We conducted a descriptive study by reviewing case records of a cohort of patients with high-risk APL at two tertiary care centers in South India (Vijayawada and Trichy) between January 2015 and December 2018.

Management of Patients With High-Risk APL

Patients with suspected APL based on clinical and morphologic features were immediately started on ATRA at a dose of either 45 mg/m2 or 25 mg/m2 (in patients younger than 15 years), pending genetic confirmation of the diagnosis.[16] A genetic diagnosis of APL was established by detection of the PML-RARA (promyelocytic leukemia/retinoic acid receptor alpha) fusion gene by means of fluorescence in situ hybridization, reverse transcriptase polymerase chain reaction (RT-PCR) assay, or demonstration of the t(15;17) translocation by means of conventional karyotyping. We considered patients with high-risk APL on the basis of Sanz score for this study.[17] Treatment regimen including ATRA, ATO, and DNR is described in Figure 1. Induction included ATRA (either 45 mg/m2 or 25 mg/m2) from day 1 and daily ATO at a dose of 0.15 mg/kg from day 10, until hematologic CR or for a maximum of 60 days, and one to four doses DNR at 45 or 60 mg/m2/d as a cytoreductive strategy. Marrow aspirates were obtained approximately weekly beginning 25 to 28 days after the start of treatment. Once the marrow showed < 5% blasts and no abnormal promyelocytes, ATRA and ATO were discontinued until occurrence of CR, defined by neutrophil and platelet counts > 1 × 109/L and 100 × 109/L, respectively. Consolidation included ATO (0.15 mg/kg; 5 days per week, 4 weeks on, 4 weeks off) for a total of four courses and ATRA (45 mg/m2 or 25 mg/m2 daily, 2 weeks on, 2 weeks off) for a total of seven courses.
FIG 1

Treatment regimen in patients with high-risk acute promyelocytic leukemia treated with all-trans-retinoic acid (ATRA), arsenic trioxide (ATO), and daunorubicin, between 2015 and 2018, from two private tertiary cancer centers in South India (n = 16).
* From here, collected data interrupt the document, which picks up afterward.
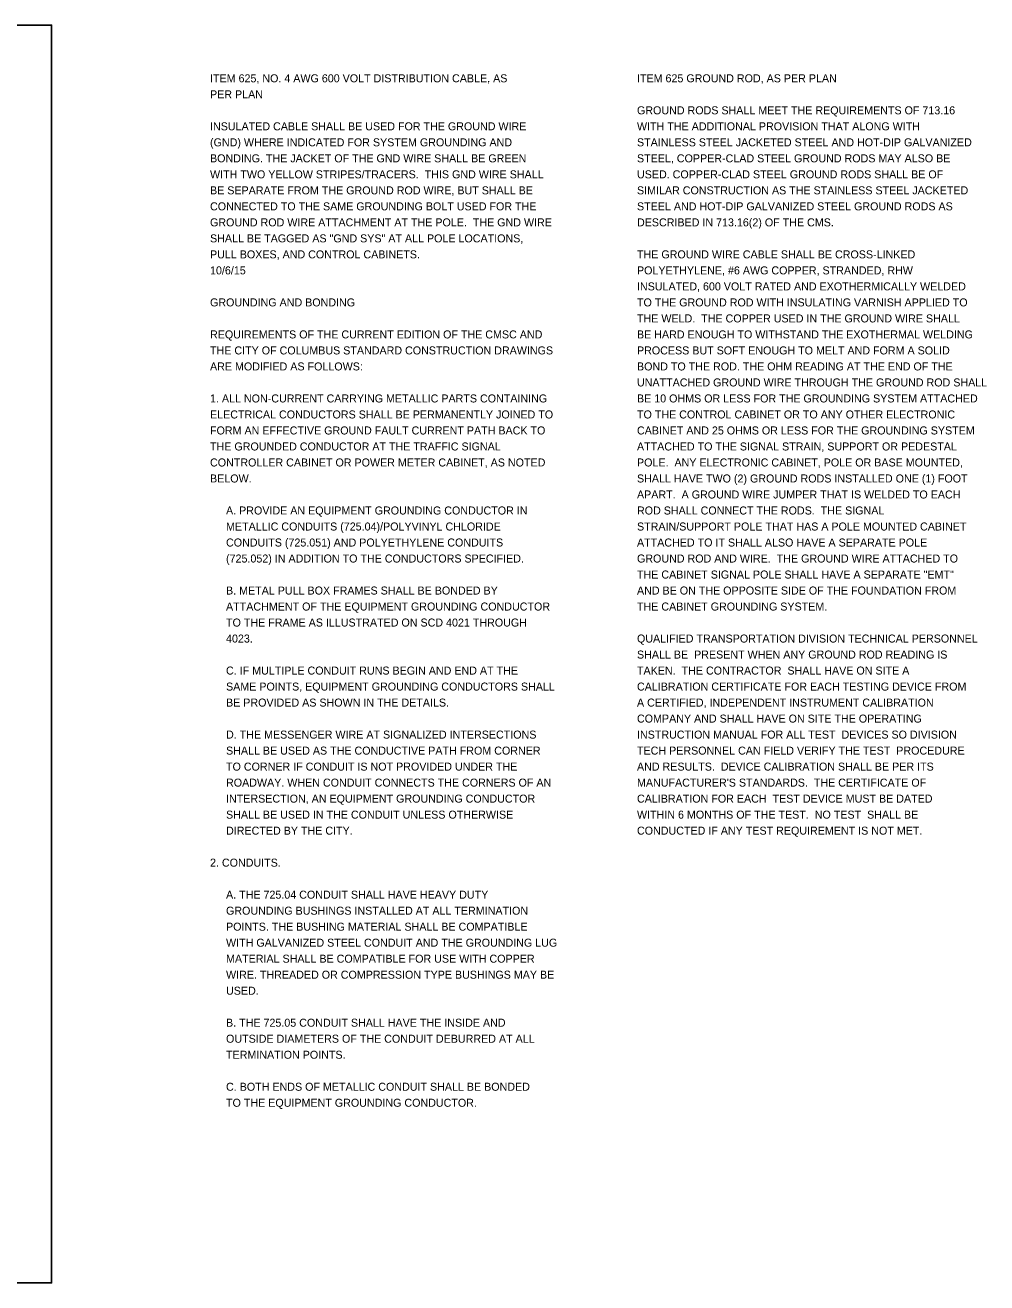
# Model space of a CAD drawing. Extents: x -62 to 50, y -16 to 14.
# Drawn here: x 33.03 to 49.85, y -7.51 to 14.49 of the extents above; entities that cross this region are included whole.
import ezdxf

# ---------------------------------------------------------------- set-up
doc = ezdxf.new("R2010")
doc.units = 0
for name, color, linetype in [('SH_Cut_Line', 7, 'Continuous'), ('SH_Data', 7, 'Continuous'), ('SH_Text', 7, 'Continuous')]:
    doc.layers.add(name, color=color, linetype=linetype)

msp = doc.modelspace()

# ---------------------------------------------------------------- linework, layer by layer
at = {"layer": 'SH_Cut_Line'}
msp.add_lwpolyline([(-0.506, -7.508), (33.494, -7.508), (33.494, 14.492), (-0.506, 14.492)], close=True, dxfattribs=at)

# ---------------------------------------------------------------- texts
at = {"layer": 'SH_Data'}
for s, p in [('ITEM 625, NO. 4 AWG 600 VOLT DISTRIBUTION CABLE, AS ', (36.265, 13.492)), ('PER PLAN', (36.265, 13.212)), ('INSULATED CABLE SHALL BE USED FOR THE GROUND WIRE ', (36.265, 12.652)), ('(GND) WHERE INDICATED FOR SYSTEM GROUNDING AND ', (36.265, 12.372)), ('BONDING. THE JACKET OF THE GND WIRE SHALL BE GREEN ', (36.265, 12.092)), ('WITH TWO YELLOW STRIPES/TRACERS.  THIS GND WIRE SHALL ', (36.265, 11.812)), ('BE SEPARATE FROM THE GROUND ROD WIRE, BUT SHALL BE ', (36.265, 11.532)), ('CONNECTED TO THE SAME GROUNDING BOLT USED FOR THE ', (36.265, 11.252)), ('GROUND ROD WIRE ATTACHMENT AT THE POLE.  THE GND WIRE ', (36.265, 10.972)), ('SHALL BE TAGGED AS "GND SYS" AT ALL POLE LOCATIONS, ', (36.265, 10.692)), ('PULL BOXES, AND CONTROL CABINETS. ', (36.265, 10.412)), ('10/6/15', (36.265, 10.132)), ('GROUNDING AND BONDING', (36.265, 9.572)), ('REQUIREMENTS OF THE CURRENT EDITION OF THE CMSC AND ', (36.265, 9.012)), ('THE CITY OF COLUMBUS STANDARD CONSTRUCTION DRAWINGS ', (36.265, 8.732)), ('ARE MODIFIED AS FOLLOWS:', (36.265, 8.452)), ('1. ALL NON-CURRENT CARRYING METALLIC PARTS CONTAINING ', (36.265, 7.892)), ('ELECTRICAL CONDUCTORS SHALL BE PERMANENTLY JOINED TO ', (36.265, 7.612)), ('FORM AN EFFECTIVE GROUND FAULT CURRENT PATH BACK TO ', (36.265, 7.332)), ('THE GROUNDED CONDUCTOR AT THE TRAFFIC SIGNAL ', (36.265, 7.052)), ('CONTROLLER CABINET OR POWER METER CABINET, AS NOTED ', (36.265, 6.772)), ('BELOW.', (36.265, 6.492)), ('A. PROVIDE AN EQUIPMENT GROUNDING CONDUCTOR IN ', (36.545, 5.932)), ('METALLIC CONDUITS (725.04)/POLYVINYL CHLORIDE ', (36.545, 5.652)), ('CONDUITS (725.051) AND POLYETHYLENE CONDUITS ', (36.545, 5.372)), ('(725.052) IN ADDITION TO THE CONDUCTORS SPECIFIED.', (36.545, 5.092)), ('B. METAL PULL BOX FRAMES SHALL BE BONDED BY ', (36.545, 4.532)), ('ATTACHMENT OF THE EQUIPMENT GROUNDING CONDUCTOR ', (36.545, 4.252)), ('TO THE FRAME AS ILLUSTRATED ON SCD 4021 THROUGH ', (36.545, 3.972)), ('4023.', (36.545, 3.692)), ('C. IF MULTIPLE CONDUIT RUNS BEGIN AND END AT THE ', (36.545, 3.132)), ('SAME POINTS, EQUIPMENT GROUNDING CONDUCTORS SHALL ', (36.545, 2.852)), ('BE PROVIDED AS SHOWN IN THE DETAILS.', (36.545, 2.572)), ('D. THE MESSENGER WIRE AT SIGNALIZED INTERSECTIONS ', (36.545, 2.012)), ('SHALL BE USED AS THE CONDUCTIVE PATH FROM CORNER ', (36.545, 1.732)), ('TO CORNER IF CONDUIT IS NOT PROVIDED UNDER THE ', (36.545, 1.452)), ('ROADWAY. WHEN CONDUIT CONNECTS THE CORNERS OF AN ', (36.545, 1.172)), ('INTERSECTION, AN EQUIPMENT GROUNDING CONDUCTOR ', (36.545, 0.892)), ('SHALL BE USED IN THE CONDUIT UNLESS OTHERWISE ', (36.545, 0.612)), ('DIRECTED BY THE CITY.', (36.545, 0.332)), ('2. CONDUITS.', (36.265, -0.228)), ('A. THE 725.04 CONDUIT SHALL HAVE HEAVY DUTY ', (36.545, -0.788)), ('GROUNDING BUSHINGS INSTALLED AT ALL TERMINATION ', (36.545, -1.068)), ('POINTS. THE BUSHING MATERIAL SHALL BE COMPATIBLE ', (36.545, -1.348)), ('WITH GALVANIZED STEEL CONDUIT AND THE GROUNDING LUG ', (36.545, -1.628)), ('MATERIAL SHALL BE COMPATIBLE FOR USE WITH COPPER ', (36.545, -1.908)), ('WIRE. THREADED OR COMPRESSION TYPE BUSHINGS MAY BE ', (36.545, -2.188)), ('USED.', (36.545, -2.468)), ('B. THE 725.05 CONDUIT SHALL HAVE THE INSIDE AND ', (36.545, -3.028)), ('OUTSIDE DIAMETERS OF THE CONDUIT DEBURRED AT ALL ', (36.545, -3.308)), ('TERMINATION POINTS.', (36.545, -3.588)), ('C. BOTH ENDS OF METALLIC CONDUIT SHALL BE BONDED ', (36.545, -4.148)), ('TO THE EQUIPMENT GROUNDING CONDUCTOR.', (36.545, -4.428))]:
    msp.add_text(s, height=0.14, dxfattribs=at).set_placement(p)
at = {"layer": 'SH_Text'}
for s, p in [('ITEM 625 GROUND ROD, AS PER PLAN ', (43.734, 13.492)), ('GROUND RODS SHALL MEET THE REQUIREMENTS OF 713.16 ', (43.734, 12.932)), ('WITH THE ADDITIONAL PROVISION THAT ALONG WITH ', (43.734, 12.652)), ('STAINLESS STEEL JACKETED STEEL AND HOT-DIP GALVANIZED ', (43.734, 12.372)), ('STEEL, COPPER-CLAD STEEL GROUND RODS MAY ALSO BE ', (43.734, 12.092)), ('USED. COPPER-CLAD STEEL GROUND RODS SHALL BE OF ', (43.734, 11.812)), ('SIMILAR CONSTRUCTION AS THE STAINLESS STEEL JACKETED ', (43.734, 11.532)), ('STEEL AND HOT-DIP GALVANIZED STEEL GROUND RODS AS ', (43.734, 11.252)), ('DESCRIBED IN 713.16(2) OF THE CMS. ', (43.734, 10.972)), ('THE GROUND WIRE CABLE SHALL BE CROSS-LINKED ', (43.734, 10.412)), ('POLYETHYLENE, #6 AWG COPPER, STRANDED, RHW ', (43.734, 10.132)), ('INSULATED, 600 VOLT RATED AND EXOTHERMICALLY WELDED ', (43.734, 9.852)), ('TO THE GROUND ROD WITH INSULATING VARNISH APPLIED TO ', (43.734, 9.572)), ('THE WELD.  THE COPPER USED IN THE GROUND WIRE SHALL ', (43.734, 9.292)), ('BE HARD ENOUGH TO WITHSTAND THE EXOTHERMAL WELDING ', (43.734, 9.012)), ('PROCESS BUT SOFT ENOUGH TO MELT AND FORM A SOLID ', (43.734, 8.732)), ('BOND TO THE ROD. THE OHM READING AT THE END OF THE ', (43.734, 8.452)), ('UNATTACHED GROUND WIRE THROUGH THE GROUND ROD SHALL ', (43.734, 8.172)), ('BE 10 OHMS OR LESS FOR THE GROUNDING SYSTEM ATTACHED ', (43.734, 7.892)), ('TO THE CONTROL CABINET OR TO ANY OTHER ELECTRONIC ', (43.734, 7.612)), ('CABINET AND 25 OHMS OR LESS FOR THE GROUNDING SYSTEM ', (43.734, 7.332)), ('ATTACHED TO THE SIGNAL STRAIN, SUPPORT OR PEDESTAL ', (43.734, 7.052)), ('POLE.  ANY ELECTRONIC CABINET, POLE OR BASE MOUNTED, ', (43.734, 6.772)), ('SHALL HAVE TWO (2) GROUND RODS INSTALLED ONE (1) FOOT  ', (43.734, 6.492)), ('APART.  A GROUND WIRE JUMPER THAT IS WELDED TO EACH ', (43.734, 6.212)), ('ROD SHALL CONNECT THE RODS.  THE SIGNAL ', (43.734, 5.932)), ('STRAIN/SUPPORT POLE THAT HAS A POLE MOUNTED CABINET ', (43.734, 5.652)), ('ATTACHED TO IT SHALL ALSO HAVE A SEPARATE POLE ', (43.734, 5.372)), ('GROUND ROD AND WIRE.  THE GROUND WIRE ATTACHED TO ', (43.734, 5.092)), ('THE CABINET SIGNAL POLE SHALL HAVE A SEPARATE "EMT" ', (43.734, 4.812)), ('AND BE ON THE OPPOSITE SIDE OF THE FOUNDATION FROM ', (43.734, 4.532)), ('THE CABINET GROUNDING SYSTEM. ', (43.734, 4.252)), ('QUALIFIED TRANSPORTATION DIVISION TECHNICAL PERSONNEL ', (43.734, 3.692)), ('SHALL BE  PRESENT WHEN ANY GROUND ROD READING IS ', (43.734, 3.412)), ('TAKEN.  THE CONTRACTOR  SHALL HAVE ON SITE A ', (43.734, 3.132)), ('CALIBRATION CERTIFICATE FOR EACH TESTING DEVICE FROM ', (43.734, 2.852)), ('A CERTIFIED, INDEPENDENT INSTRUMENT CALIBRATION ', (43.734, 2.572)), ('COMPANY AND SHALL HAVE ON SITE THE OPERATING ', (43.734, 2.292)), ('INSTRUCTION MANUAL FOR ALL TEST  DEVICES SO DIVISION ', (43.734, 2.012)), ('TECH PERSONNEL CAN FIELD VERIFY THE TEST  PROCEDURE ', (43.734, 1.732)), ('AND RESULTS.  DEVICE CALIBRATION SHALL BE PER ITS  ', (43.734, 1.452)), ("MANUFACTURER'S STANDARDS.  THE CERTIFICATE OF ", (43.734, 1.172)), ('CALIBRATION FOR EACH  TEST DEVICE MUST BE DATED ', (43.734, 0.892)), ('WITHIN 6 MONTHS OF THE TEST.  NO TEST  SHALL BE ', (43.734, 0.612)), ('CONDUCTED IF ANY TEST REQUIREMENT IS NOT MET.', (43.734, 0.332))]:
    msp.add_text(s, height=0.14, dxfattribs=at).set_placement(p)

doc.saveas('drawing.dxf')

Treatment regimen in patients with high-risk acute promyelocytic leukemia treated with all-trans-retinoic acid (ATRA), arsenic trioxide (ATO), and daunorubicin, between 2015 and 2018, from two private tertiary cancer centers in South India (n = 16). We followed National Cancer Institute definitions for hematologic CR and morphologic relapse.[18] Time to achieve CR during induction was recorded, and we performed quantitative RT-PCR to assess molecular CR at the end of the third cycle of consolidation. Subsequent monitoring was done every 3 months during the first and second year and every 6 months during the third and fourth year. We followed all patients until April 2019. Patients either paid out of pocket or were covered under the state-funded or private health insurance plans. Ethics approval was obtained from the Ethics Advisory Group of The Union, Paris, France (EAG number: 31/18) and Institutional Ethics Committee, Dr GVN Cancer Institute, Trichy, India (dated July 30, 2018). As the study involved review of case records, waiver for informed consent was sought and approved by the ethics committees.

Statistical Analysis

Data from the case records were entered into EpiCollect5 mobile application (Imperial College, London), and analysis was performed in STATA (version 12.1, StataCorp, College Station, TX). Continuous variables like age, duration of symptoms, and biochemical parameters were summarized as mean and standard deviation (SD) or median (interquartile range [IQR]). Dosage modifications of drugs and their toxicities were presented as frequencies and proportions. We calculated annualized direct medical costs (regimen, blood components, antibiotics and adjunct drugs, laboratory charges) and presented them as mean (SD). Costs were discounted at 3% per annum, and dollar conversion was done at the rate of 69.58 India rupees (INR), as of March 2019.

RESULTS

A total of 50 patients were diagnosed with APL during the study period, of whom 28 (56%) patients had high-risk APL. Of 28 patients with high-risk APL, we included 16 patients for the study. Flow of patients and reasons for exclusion are described in Figure 2. The demographic and clinical characteristics of the 16 patients with high-risk APL who received ATRA, ATO, and DNR are summarized in Table 1. Median (IQR) age was 32 (19-42) years. Median (IQR) total leukocyte count at presentation was 34,650 (16,950-53,200) per μL.
FIG 2

Flow diagram of patients with acute promyelocytic leukemia treated between 2015 and 2018, from two private tertiary cancer centers in South India (n = 50). APL, acute promyelocytic leukemia; ATO, arsenic trioxide; ATRA, all-trans-retinoic acid; CR, complete remission; DIC, disseminated intravascular coagulation.

TABLE 1

Demographic and Clinical Characteristics of Patients With High-Risk Acute Promyelocytic Leukemia Treated With All-Trans-Retinoic Acid, Arsenic Trioxide, and Daunorubicin Between 2015 and 2018, From Two Private Tertiary Cancer Centers in South India (n = 16)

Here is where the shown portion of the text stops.